The typical methodology when applying Model Based Control to a plant is schematically shown in Figure [[fig:control-procedure]].
It consists of three steps:
1. *Identification or modeling*: $\Longrightarrow$ mathematical model
2. *Translate the specifications into mathematical criteria*:
   - _Specifications_: Response Time, Noise Rejection, Maximum input amplitude, Robustness, ...
   - _Mathematical Criteria_: Cost Function, Shape of TF
   # - Cost Function, Needed Bandwidth, Roll-off, ...
   # - $\Longrightarrow$ We will use the $\hinf$ Norm
3. *Synthesis*: research of $K$ that satisfies the specifications for the model of the system

#+begin_src latex :file control-procedure.pdf
  \begin{tikzpicture}
    \node[addb={+}{}{}{}{-}] (addsub) at (0, 0){};

    \node[block, right=1.5 of addsub] (controller) {Controller};
    \node[block, right=1.5 of controller] (plant) {Plant};

    \node[block, above=1 of controller] (controller_design) {Synthesis};
    \node[block, above=1 of plant] (model_plant) {Model};

    \draw[<-] (addsub.west) -- ++(-1, 0) node[above right]{$r$};

    \draw[->] (addsub) -- (controller.west) node[above left]{$\epsilon$};
    \draw[->] (controller) -- (plant.west) node[above left]{$u$};
    \draw[->] (plant.east) -- ++(1, 0) node[above left]{$y$};
    \draw[] ($(plant.east) + (0.5, 0)$) -- ++(0, -1);
    \draw[->] ($(plant.east) + (0.5, -1)$) -| (addsub.south);

    \draw[->, dashed] (plant) -- node[midway, right, labelc, solid]{1} (model_plant);
    \draw[->, dashed] (controller_design) --node[midway, right, labelc, solid]{3} (controller);
    \draw[->, dashed] (model_plant) -- (controller_design);
    \draw[<-, dashed] (controller_design.west) -- node[midway, above, labelc, solid]{2} ++(-1, 0) node[left, style={align=center}]{Specifications};
  \end{tikzpicture}
#+end_src

#+name: fig:control-procedure
#+caption: Typical Methodoly for Model Based Control
#+RESULTS:
[[file:figs/control-procedure.png]]

In this document, we will mainly focus on steps 2 and 3.

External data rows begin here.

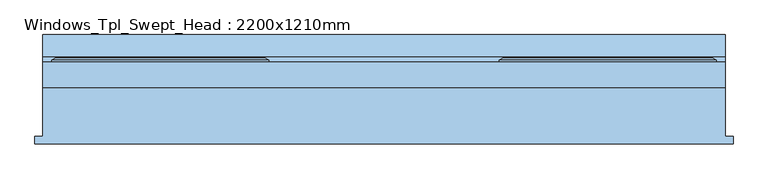
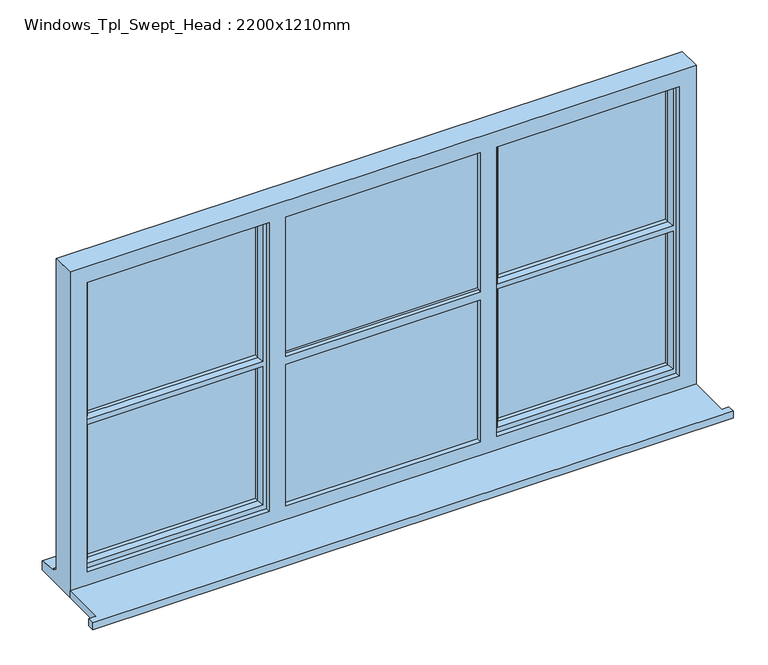
"""IFC4 building model written with IfcOpenShell, lengths in millimetres: window geometry, Windows_Tpl_Swept_Head : 2200x1210mm."""

from ifc_helpers import new_model, si_unit, point, frame, frame_2d, origin, place, context, project, spatial, polyline, circle_curve, trimmed, segment, composite_curve, outline, extrude, faceted_brep, source, transform, mapped, element, save


def windows_tpl_swept_head_2200x1210mm_9d782c46(model_context):
    return source(origin(), model_context, "Body", "SolidModel", [
        extrude(outline(polyline([(-1766.6666667, -161.5434322), (-1766.6666667, -136.5434322), (-1741.6666667, -136.5434322), (-1741.6666667, 20.4565678), (458.3333333, 20.4565678), (458.3333333, -136.5434322), (483.3333333, -136.5434322), (483.3333333, -161.5434322), (-1766.6666667, -161.5434322)])), frame((0.0, 0.0, 900.0), z_axis=(0.0, 0.0, 1.0), x_axis=(1.0, 0.0, 0.0)), (0.0, 0.0, 1.0), 25.0),
        extrude(outline(composite_curve([segment(polyline([(2050.0, -300.0), (2050.0, -983.3333333), (1935.9532624, -983.3333333)]), True, "CONTINUOUS"), segment(trimmed(circle_curve(frame_2d((1325.0, -641.6666667)), 700.0), [point((1935.9532624, -983.3333333))], [point((1935.9532624, -300.0))], True, "CARTESIAN"), True, "CONTINUOUS"), segment(polyline([(1935.9532624, -300.0), (2050.0, -300.0)]), True, "CONTINUOUS")], self_intersect=False)), frame((0.0, 62.4565678, 0.0), z_axis=(0.0, 1.0, 0.0), x_axis=(0.0, 0.0, 1.0)), (0.0, 0.0, 1.0), 25.0),
        extrude(outline(composite_curve([segment(polyline([(2030.0, -220.0), (1957.8501446, -220.0)]), True, "CONTINUOUS"), segment(trimmed(circle_curve(frame_2d((1325.0, 79.1666667)), 700.0), [point((1957.8501446, -220.0))], [point((1957.8501446, 378.3333333))], True, "CARTESIAN"), True, "CONTINUOUS"), segment(polyline([(1957.8501446, 378.3333333), (2030.0, 378.3333333), (2030.0, -220.0)]), True, "CONTINUOUS")], self_intersect=False)), frame((0.0, 79.4565678, 0.0), z_axis=(0.0, 1.0, 0.0), x_axis=(0.0, 0.0, 1.0)), (0.0, 0.0, 1.0), 24.0),
        extrude(outline(composite_curve([segment(polyline([(2030.0, -1063.3333333), (2030.0, -1661.6666667), (1957.8501446, -1661.6666667)]), True, "CONTINUOUS"), segment(trimmed(circle_curve(frame_2d((1325.0, -1362.5)), 700.0), [point((1957.8501446, -1661.6666667))], [point((1957.8501446, -1063.3333333))], True, "CARTESIAN"), True, "CONTINUOUS"), segment(polyline([(1957.8501446, -1063.3333333), (2030.0, -1063.3333333)]), True, "CONTINUOUS")], self_intersect=False)), frame((0.0, 79.4565678, 0.0), z_axis=(0.0, 1.0, 0.0), x_axis=(0.0, 0.0, 1.0)), (0.0, 0.0, 1.0), 24.0),
        faceted_brep([(-270.0, 103.4565678, 2080.0), (-270.0, 109.2300705, 2080.0), (-270.0, 109.2300705, 953.0), (-270.0, 103.4565678, 953.0), (-260.0, 38.4565678, 2070.0), (-260.0, 103.4565678, 2070.0), (-260.0, 103.4565678, 963.0), (-260.0, 38.4565678, 963.0), (-220.0, 52.9494677, 2030.0), (-230.1480377, 38.4565678, 2040.1480377), (-230.1480377, 38.4565678, 1526.3519623), (-220.0, 52.9494677, 1536.5), (-230.1480377, 38.4565678, 992.8519623), (-220.0, 52.9494677, 1003.0), (-220.0, 52.9494677, 1496.5), (-230.1480377, 38.4565678, 1506.6480377), (-220.0, 67.4565678, 2030.0), (-220.0, 67.4565678, 1536.5), (-220.0, 67.4565678, 1003.0), (-220.0, 67.4565678, 1496.5), (-230.0, 91.4565678, 1529.5), (-230.0, 91.4565678, 2040.0), (-230.0, 67.4565678, 2040.0), (-230.0, 67.4565678, 1529.5), (-230.0, 67.4565678, 1503.5), (-230.0, 67.4565678, 993.0), (-230.0, 91.4565678, 993.0), (-230.0, 91.4565678, 1503.5), (-220.0, 109.2300705, 2030.0), (-220.0, 91.4565678, 2030.0), (-220.0, 91.4565678, 1536.5), (-220.0, 109.2300705, 1536.5), (-220.0, 91.4565678, 1003.0), (-220.0, 109.2300705, 1003.0), (-220.0, 109.2300705, 1496.5), (-220.0, 91.4565678, 1496.5), (-237.4457548, 115.0035732, 2047.4457548), (-237.4457548, 115.0035732, 1519.0542452), (-237.4457548, 115.0035732, 985.5542452), (-237.4457548, 115.0035732, 1513.9457548), (-259.2153903, 115.0035732, 2069.2153903), (-259.2153903, 115.0035732, 963.7846097), (428.3333333, 109.2300705, 953.0), (428.3333333, 103.4565678, 953.0), (418.3333333, 103.4565678, 963.0), (418.3333333, 38.4565678, 963.0), (388.4813711, 38.4565678, 992.8519623), (378.3333333, 52.9494677, 1003.0), (378.3333333, 67.4565678, 1003.0), (388.3333333, 67.4565678, 993.0), (388.3333333, 91.4565678, 993.0), (378.3333333, 91.4565678, 1003.0), (378.3333333, 109.2300705, 1003.0), (395.7790881, 115.0035732, 985.5542452), (417.5487236, 115.0035732, 963.7846097), (428.3333333, 109.2300705, 2080.0), (428.3333333, 103.4565678, 2080.0), (418.3333333, 103.4565678, 2070.0), (418.3333333, 38.4565678, 2070.0), (388.4813711, 38.4565678, 1506.6480377), (378.3333333, 52.9494677, 1496.5), (388.4813711, 38.4565678, 2040.1480377), (378.3333333, 52.9494677, 2030.0), (378.3333333, 52.9494677, 1536.5), (388.4813711, 38.4565678, 1526.3519623), (378.3333333, 67.4565678, 1496.5), (378.3333333, 67.4565678, 2030.0), (378.3333333, 67.4565678, 1536.5), (388.3333333, 91.4565678, 1503.5), (388.3333333, 67.4565678, 1503.5), (388.3333333, 67.4565678, 1529.5), (388.3333333, 67.4565678, 2040.0), (388.3333333, 91.4565678, 2040.0), (388.3333333, 91.4565678, 1529.5), (378.3333333, 91.4565678, 1496.5), (378.3333333, 109.2300705, 1496.5), (378.3333333, 91.4565678, 2030.0), (378.3333333, 109.2300705, 2030.0), (378.3333333, 109.2300705, 1536.5), (378.3333333, 91.4565678, 1536.5), (395.7790881, 115.0035732, 1513.9457548), (395.7790881, 115.0035732, 2047.4457548), (395.7790881, 115.0035732, 1519.0542452), (417.5487236, 115.0035732, 2069.2153903)], [[[0, 1, 2, 3]], [[4, 5, 6, 7]], [[8, 9, 10, 11]], [[12, 13, 14, 15]], [[16, 8, 11, 17]], [[13, 18, 19, 14]], [[20, 21, 22, 23]], [[24, 25, 26, 27]], [[28, 29, 30, 31]], [[32, 33, 34, 35]], [[36, 28, 31, 37]], [[33, 38, 39, 34]], [[2, 1, 40, 41]], [[3, 2, 42, 43]], [[7, 6, 44, 45]], [[13, 12, 46, 47]], [[18, 13, 47, 48]], [[26, 25, 49, 50]], [[33, 32, 51, 52]], [[38, 33, 52, 53]], [[2, 41, 54, 42]], [[43, 42, 55, 56]], [[45, 44, 57, 58]], [[47, 46, 59, 60]], [[61, 62, 63, 64]], [[48, 47, 60, 65]], [[62, 66, 67, 63]], [[68, 50, 49, 69]], [[70, 71, 72, 73]], [[52, 51, 74, 75]], [[76, 77, 78, 79]], [[53, 52, 75, 80]], [[77, 81, 82, 78]], [[42, 54, 83, 55]], [[1, 0, 56, 55]], [[0, 3, 43, 56], [6, 5, 57, 44]], [[5, 4, 58, 57]], [[4, 7, 45, 58], [46, 12, 15, 59], [61, 64, 10, 9]], [[9, 8, 62, 61]], [[8, 16, 66, 62]], [[49, 25, 24, 69], [18, 48, 65, 19]], [[22, 71, 70, 23], [66, 16, 17, 67]], [[22, 21, 72, 71]], [[26, 50, 68, 27], [32, 35, 74, 51]], [[72, 21, 20, 73], [76, 79, 30, 29]], [[29, 28, 77, 76]], [[28, 36, 81, 77]], [[41, 40, 83, 54], [36, 37, 82, 81], [38, 53, 80, 39]], [[40, 1, 55, 83]], [[82, 37, 31, 78]], [[30, 79, 78, 31]], [[73, 20, 23, 70]], [[11, 63, 67, 17]], [[10, 64, 63, 11]], [[59, 15, 14, 60]], [[60, 14, 19, 65]], [[27, 68, 69, 24]], [[74, 35, 34, 75]], [[39, 80, 75, 34]]]),
        faceted_brep([(-1013.3333333, 103.4565678, 2080.0), (-1013.3333333, 109.2300705, 2080.0), (-1711.6666667, 109.2300705, 2080.0), (-1711.6666667, 103.4565678, 2080.0), (-1023.3333333, 38.4565678, 2070.0), (-1023.3333333, 103.4565678, 2070.0), (-1701.6666667, 103.4565678, 2070.0), (-1701.6666667, 38.4565678, 2070.0), (-1063.3333333, 52.9494677, 2030.0), (-1053.1852956, 38.4565678, 2040.1480377), (-1671.8147044, 38.4565678, 2040.1480377), (-1661.6666667, 52.9494677, 2030.0), (-1661.6666667, 67.4565678, 2030.0), (-1063.3333333, 67.4565678, 2030.0), (-1053.3333333, 91.4565678, 2040.0), (-1053.3333333, 67.4565678, 2040.0), (-1671.6666667, 67.4565678, 2040.0), (-1671.6666667, 91.4565678, 2040.0), (-1063.3333333, 109.2300705, 2030.0), (-1063.3333333, 91.4565678, 2030.0), (-1661.6666667, 91.4565678, 2030.0), (-1661.6666667, 109.2300705, 2030.0), (-1679.1124215, 115.0035732, 2047.4457548), (-1045.8875785, 115.0035732, 2047.4457548), (-1024.117943, 115.0035732, 2069.2153903), (-1700.882057, 115.0035732, 2069.2153903), (-1711.6666667, 109.2300705, 953.0), (-1711.6666667, 103.4565678, 953.0), (-1701.6666667, 103.4565678, 963.0), (-1701.6666667, 38.4565678, 963.0), (-1671.8147044, 38.4565678, 1526.3519623), (-1661.6666667, 52.9494677, 1536.5), (-1671.8147044, 38.4565678, 992.8519623), (-1661.6666667, 52.9494677, 1003.0), (-1661.6666667, 52.9494677, 1496.5), (-1671.8147044, 38.4565678, 1506.6480377), (-1661.6666667, 67.4565678, 1536.5), (-1661.6666667, 67.4565678, 1003.0), (-1661.6666667, 67.4565678, 1496.5), (-1671.6666667, 91.4565678, 1529.5), (-1671.6666667, 67.4565678, 1529.5), (-1671.6666667, 67.4565678, 1503.5), (-1671.6666667, 67.4565678, 993.0), (-1671.6666667, 91.4565678, 993.0), (-1671.6666667, 91.4565678, 1503.5), (-1661.6666667, 91.4565678, 1536.5), (-1661.6666667, 109.2300705, 1536.5), (-1661.6666667, 91.4565678, 1003.0), (-1661.6666667, 109.2300705, 1003.0), (-1661.6666667, 109.2300705, 1496.5), (-1661.6666667, 91.4565678, 1496.5), (-1679.1124215, 115.0035732, 1519.0542452), (-1679.1124215, 115.0035732, 985.5542452), (-1679.1124215, 115.0035732, 1513.9457548), (-1700.882057, 115.0035732, 963.7846097), (-1013.3333333, 109.2300705, 953.0), (-1013.3333333, 103.4565678, 953.0), (-1023.3333333, 103.4565678, 963.0), (-1023.3333333, 38.4565678, 963.0), (-1053.1852956, 38.4565678, 1526.3519623), (-1053.1852956, 38.4565678, 1506.6480377), (-1053.1852956, 38.4565678, 992.8519623), (-1063.3333333, 52.9494677, 1003.0), (-1063.3333333, 67.4565678, 1003.0), (-1053.3333333, 67.4565678, 1529.5), (-1063.3333333, 67.4565678, 1536.5), (-1053.3333333, 67.4565678, 993.0), (-1053.3333333, 67.4565678, 1503.5), (-1063.3333333, 67.4565678, 1496.5), (-1053.3333333, 91.4565678, 993.0), (-1053.3333333, 91.4565678, 1529.5), (-1063.3333333, 91.4565678, 1536.5), (-1053.3333333, 91.4565678, 1503.5), (-1063.3333333, 91.4565678, 1496.5), (-1063.3333333, 91.4565678, 1003.0), (-1063.3333333, 109.2300705, 1003.0), (-1045.8875785, 115.0035732, 985.5542452), (-1024.117943, 115.0035732, 963.7846097), (-1045.8875785, 115.0035732, 1519.0542452), (-1045.8875785, 115.0035732, 1513.9457548), (-1063.3333333, 52.9494677, 1536.5), (-1063.3333333, 52.9494677, 1496.5), (-1063.3333333, 109.2300705, 1536.5), (-1063.3333333, 109.2300705, 1496.5)], [[[0, 1, 2, 3]], [[4, 5, 6, 7]], [[8, 9, 10, 11]], [[8, 11, 12, 13]], [[14, 15, 16, 17]], [[18, 19, 20, 21]], [[18, 21, 22, 23]], [[2, 1, 24, 25]], [[3, 2, 26, 27]], [[7, 6, 28, 29]], [[11, 10, 30, 31]], [[32, 33, 34, 35]], [[12, 11, 31, 36]], [[33, 37, 38, 34]], [[39, 17, 16, 40]], [[41, 42, 43, 44]], [[21, 20, 45, 46]], [[47, 48, 49, 50]], [[22, 21, 46, 51]], [[48, 52, 53, 49]], [[2, 25, 54, 26]], [[27, 26, 55, 56]], [[0, 3, 27, 56], [6, 5, 57, 28]], [[29, 28, 57, 58]], [[4, 7, 29, 58], [10, 9, 59, 30], [32, 35, 60, 61]], [[33, 32, 61, 62]], [[37, 33, 62, 63]], [[16, 15, 64, 40], [13, 12, 36, 65]], [[66, 42, 41, 67], [37, 63, 68, 38]], [[43, 42, 66, 69]], [[14, 17, 39, 70], [19, 71, 45, 20]], [[43, 69, 72, 44], [47, 50, 73, 74]], [[48, 47, 74, 75]], [[52, 48, 75, 76]], [[25, 24, 77, 54], [23, 22, 51, 78], [76, 79, 53, 52]], [[26, 54, 77, 55]], [[1, 0, 56, 55]], [[5, 4, 58, 57]], [[9, 8, 80, 59]], [[62, 61, 60, 81]], [[8, 13, 65, 80]], [[63, 62, 81, 68]], [[64, 15, 14, 70]], [[72, 69, 66, 67]], [[19, 18, 82, 71]], [[75, 74, 73, 83]], [[18, 23, 78, 82]], [[76, 75, 83, 79]], [[24, 1, 55, 77]], [[78, 51, 46, 82]], [[45, 71, 82, 46]], [[40, 64, 70, 39]], [[65, 36, 31, 80]], [[30, 59, 80, 31]], [[60, 35, 34, 81]], [[38, 68, 81, 34]], [[67, 41, 44, 72]], [[73, 50, 49, 83]], [[53, 79, 83, 49]]]),
        extrude(outline(polyline([(388.4813711, 67.4565678), (-230.0, 67.4565678), (-230.0, 91.4565678), (388.4813711, 91.4565678), (388.4813711, 67.4565678)])), frame((0.0, 0.0, 993.0), z_axis=(0.0, 0.0, 1.0), x_axis=(1.0, 0.0, 0.0)), (0.0, 0.0, 1.0), 513.6480377),
        extrude(outline(polyline([(388.4813711, 67.4565678), (-230.0, 67.4565678), (-230.0, 91.4565678), (388.4813711, 91.4565678), (388.4813711, 67.4565678)])), frame((0.0, 0.0, 1526.3519623), z_axis=(0.0, 0.0, 1.0), x_axis=(1.0, 0.0, 0.0)), (0.0, 0.0, 1.0), 513.6480377),
        extrude(outline(polyline([(-993.3333333, 62.4565678), (-290.0, 62.4565678), (-290.0, 38.4565678), (-993.3333333, 38.4565678), (-993.3333333, 62.4565678)])), frame((0.0, 0.0, 963.0), z_axis=(0.0, 0.0, 1.0), x_axis=(1.0, 0.0, 0.0)), (0.0, 0.0, 1.0), 540.5),
        extrude(outline(polyline([(-993.3333333, 62.4565678), (-290.0, 62.4565678), (-290.0, 38.4565678), (-993.3333333, 38.4565678), (-993.3333333, 62.4565678)])), frame((0.0, 0.0, 1529.5), z_axis=(0.0, 0.0, 1.0), x_axis=(1.0, 0.0, 0.0)), (0.0, 0.0, 1.0), 540.5),
        extrude(outline(polyline([(-1053.3333333, 67.4565678), (-1671.6666667, 67.4565678), (-1671.6666667, 91.4565678), (-1053.3333333, 91.4565678), (-1053.3333333, 67.4565678)])), frame((0.0, 0.0, 1526.3519623), z_axis=(0.0, 0.0, 1.0), x_axis=(1.0, 0.0, 0.0)), (0.0, 0.0, 1.0), 513.6480377),
        extrude(outline(polyline([(-1053.3333333, 67.4565678), (-1671.6666667, 67.4565678), (-1671.6666667, 91.4565678), (-1053.3333333, 91.4565678), (-1053.3333333, 67.4565678)])), frame((0.0, 0.0, 993.0), z_axis=(0.0, 0.0, 1.0), x_axis=(1.0, 0.0, 0.0)), (0.0, 0.0, 1.0), 513.6480377),
        faceted_brep([(-983.3333333, 38.4565678, 2050.0), (-983.3333333, 20.4565678, 2050.0), (-983.3333333, 20.4565678, 1530.8390708), (-983.3333333, 28.5412125, 1536.5), (-983.3333333, 38.4565678, 1536.5), (-983.3333333, 20.4565678, 975.0), (-983.3333333, 38.4565678, 975.0), (-983.3333333, 38.4565678, 1496.5), (-983.3333333, 28.5412125, 1496.5), (-983.3333333, 20.4565678, 1502.1609292), (458.3333333, 20.4565678, 2110.0), (-1741.6666667, 20.4565678, 2110.0), (-1741.6666667, 20.4565678, 900.0), (458.3333333, 20.4565678, 900.0), (-1681.6666667, 20.4565678, 2050.0), (-1041.3333333, 20.4565678, 2050.0), (-1041.3333333, 20.4565678, 975.0), (-1681.6666667, 20.4565678, 975.0), (-242.0, 20.4565678, 2050.0), (398.3333333, 20.4565678, 2050.0), (398.3333333, 20.4565678, 975.0), (-242.0, 20.4565678, 975.0), (-300.0, 20.4565678, 2050.0), (-300.0, 20.4565678, 1530.8390708), (-300.0, 20.4565678, 975.0), (-300.0, 20.4565678, 1502.1609292), (-1041.3333333, 38.4565678, 2050.0), (-1041.3333333, 38.4565678, 975.0), (-1701.6666667, 38.4565678, 2070.0), (-1023.3333333, 38.4565678, 2070.0), (-1023.3333333, 38.4565678, 963.0), (-1701.6666667, 38.4565678, 963.0), (-1681.6666667, 38.4565678, 2050.0), (-1681.6666667, 38.4565678, 975.0), (-993.3333333, 38.4565678, 2070.0), (-290.0, 38.4565678, 2070.0), (-290.0, 38.4565678, 1529.5), (-983.3333333, 38.4565678, 1529.5), (-983.3333333, 38.4565678, 1503.5), (-290.0, 38.4565678, 1503.5), (-290.0, 38.4565678, 963.0), (-993.3333333, 38.4565678, 963.0), (-300.0, 38.4565678, 2050.0), (-300.0, 38.4565678, 1536.5), (-300.0, 38.4565678, 975.0), (-300.0, 38.4565678, 1496.5), (-260.0, 38.4565678, 2070.0), (418.3333333, 38.4565678, 2070.0), (418.3333333, 38.4565678, 963.0), (-260.0, 38.4565678, 963.0), (398.3333333, 38.4565678, 2050.0), (-242.0, 38.4565678, 2050.0), (-242.0, 38.4565678, 975.0), (398.3333333, 38.4565678, 975.0), (-1023.3333333, 103.4565678, 2070.0), (-1023.3333333, 103.4565678, 963.0), (-1741.6666667, 103.4565678, 2110.0), (458.3333333, 103.4565678, 2110.0), (458.3333333, 103.4565678, 951.0), (-1741.6666667, 103.4565678, 951.0), (-1701.6666667, 103.4565678, 2070.0), (-1701.6666667, 103.4565678, 963.0), (-983.3333333, 103.4565678, 2070.0), (-983.3333333, 103.4565678, 963.0), (-300.0, 103.4565678, 963.0), (-300.0, 103.4565678, 2070.0), (418.3333333, 103.4565678, 963.0), (418.3333333, 103.4565678, 2070.0), (-260.0, 103.4565678, 2070.0), (-260.0, 103.4565678, 963.0), (-983.3333333, 98.4565678, 2070.0), (-983.3333333, 98.4565678, 2050.0), (-983.3333333, 62.4565678, 2050.0), (-983.3333333, 62.4565678, 1536.5), (-983.3333333, 80.2300705, 1536.5), (-983.3333333, 86.0035732, 1519.0542452), (-983.3333333, 86.0035732, 1513.9457548), (-983.3333333, 80.2300705, 1496.5), (-983.3333333, 62.4565678, 1496.5), (-983.3333333, 62.4565678, 975.0), (-983.3333333, 98.4565678, 975.0), (-983.3333333, 98.4565678, 963.0), (-290.0, 62.4565678, 1503.5), (-983.3333333, 62.4565678, 1503.5), (-983.3333333, 62.4565678, 1529.5), (-290.0, 62.4565678, 1529.5), (-290.0, 62.4565678, 2070.0), (-993.3333333, 62.4565678, 2070.0), (-993.3333333, 62.4565678, 963.0), (-290.0, 62.4565678, 963.0), (-300.0, 62.4565678, 2050.0), (-300.0, 62.4565678, 1536.5), (-300.0, 62.4565678, 1496.5), (-300.0, 62.4565678, 975.0), (-1741.6666667, 118.4565678, 949.68767), (-1741.6666667, 118.4565678, 944.7449676), (-1741.6666667, 190.9565678, 933.8088847), (-1741.6666667, 190.9565678, 900.0), (-300.0, 98.4565678, 2070.0), (458.3333333, 190.9565678, 900.0), (458.3333333, 190.9565678, 933.8088847), (458.3333333, 118.4565678, 944.7449676), (458.3333333, 118.4565678, 949.68767), (-300.0, 98.4565678, 963.0), (-300.0, 98.4565678, 975.0), (-300.0, 80.2300705, 1496.5), (-300.0, 86.0035732, 1513.9457548), (-300.0, 86.0035732, 1519.0542452), (-300.0, 80.2300705, 1536.5), (-300.0, 98.4565678, 2050.0), (-300.0, 28.5412125, 1536.5), (-300.0, 28.5412125, 1496.5)], [[[0, 1, 2, 3, 4]], [[5, 6, 7, 8, 9]], [[10, 11, 12, 13], [14, 15, 16, 17], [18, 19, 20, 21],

* Some Background: From Classical Control to Robust Control

Classical Control (1930)
- Tools:
  - TF (input-output)
  - Nyquist, Bode, Black, \ldots
  - P-PI-PID, Phase lead-lag, \ldots
- Advantages:
  - Stability
  - Performances
  - Robustness
- Disadvantages:
  - Manual Method
  - Only SISO

Modern Control (1960)
- Tools:
  - State Space
  - Optimal Command
  - LQR, LQG
- Advantages:
  - Automatic Synthesis
  - MIMO
  - Optimisation problem
- Disadvantages:
  - Robustness
  - Rejection of Perturbations

Robust Control (1980)
- Tools:
  - Disk Margin
  - Systems and Signals norms ($\mathcal{H}_\infty$ and $\mathcal{H}_2$ norms)
  - Closed Loop Transfer Functions
  - Loop Shaping
- Advantages:
  - Stability
  - Performances
  - Robustness
  - Automatic Synthesis
  - MIMO
  - Optimization Problem
- Disadvantages:
  - Requires the knowledge of specific tools
  - Need a reasonably good model of the system

* The $\mathcal{H}_\infty$ Norm

#+begin_definition
 The $\mathcal{H}_\infty$ norm is defined as the peak of the maximum singular value of the frequency response
 \begin{equation}
   \|G(s)\|_\infty = \max_\omega \bar{\sigma}\big( G(j\omega) \big)
 \end{equation}

 For a SISO system $G(s)$, it is simply the peak value of $|G(j\omega)|$ as a function of frequency:
 \begin{equation}
   \|G(s)\|_\infty = \max_{\omega} |G(j\omega)| \label{eq:hinf_norm_siso}
 \end{equation}
#+end_definition

#+begin_exampl
Let's define a plant dynamics:
#+begin_src matlab
   w0 = 2*pi; k = 1e6; xi = 0.04;

   G = 1/k/(s^2/w0^2 + 2*xi*s/w0 + 1);
#+end_src

And compute its $\mathcal{H}_\infty$ norm using the =hinfnorm= function:
#+begin_src matlab :results value replace
  hinfnorm(G)
#+end_src

#+RESULTS:
: 1.0013e-05

The magnitude $|G(j\omega)|$ of the plant $G(s)$ as a function of frequency is shown in Figure [[fig:hinfinity_norm_siso_bode]].
The maximum value of the magnitude over all frequencies does correspond to the $\mathcal{H}_\infty$ norm of $G(s)$ as Equation eqref:eq:hinf_norm_siso implies.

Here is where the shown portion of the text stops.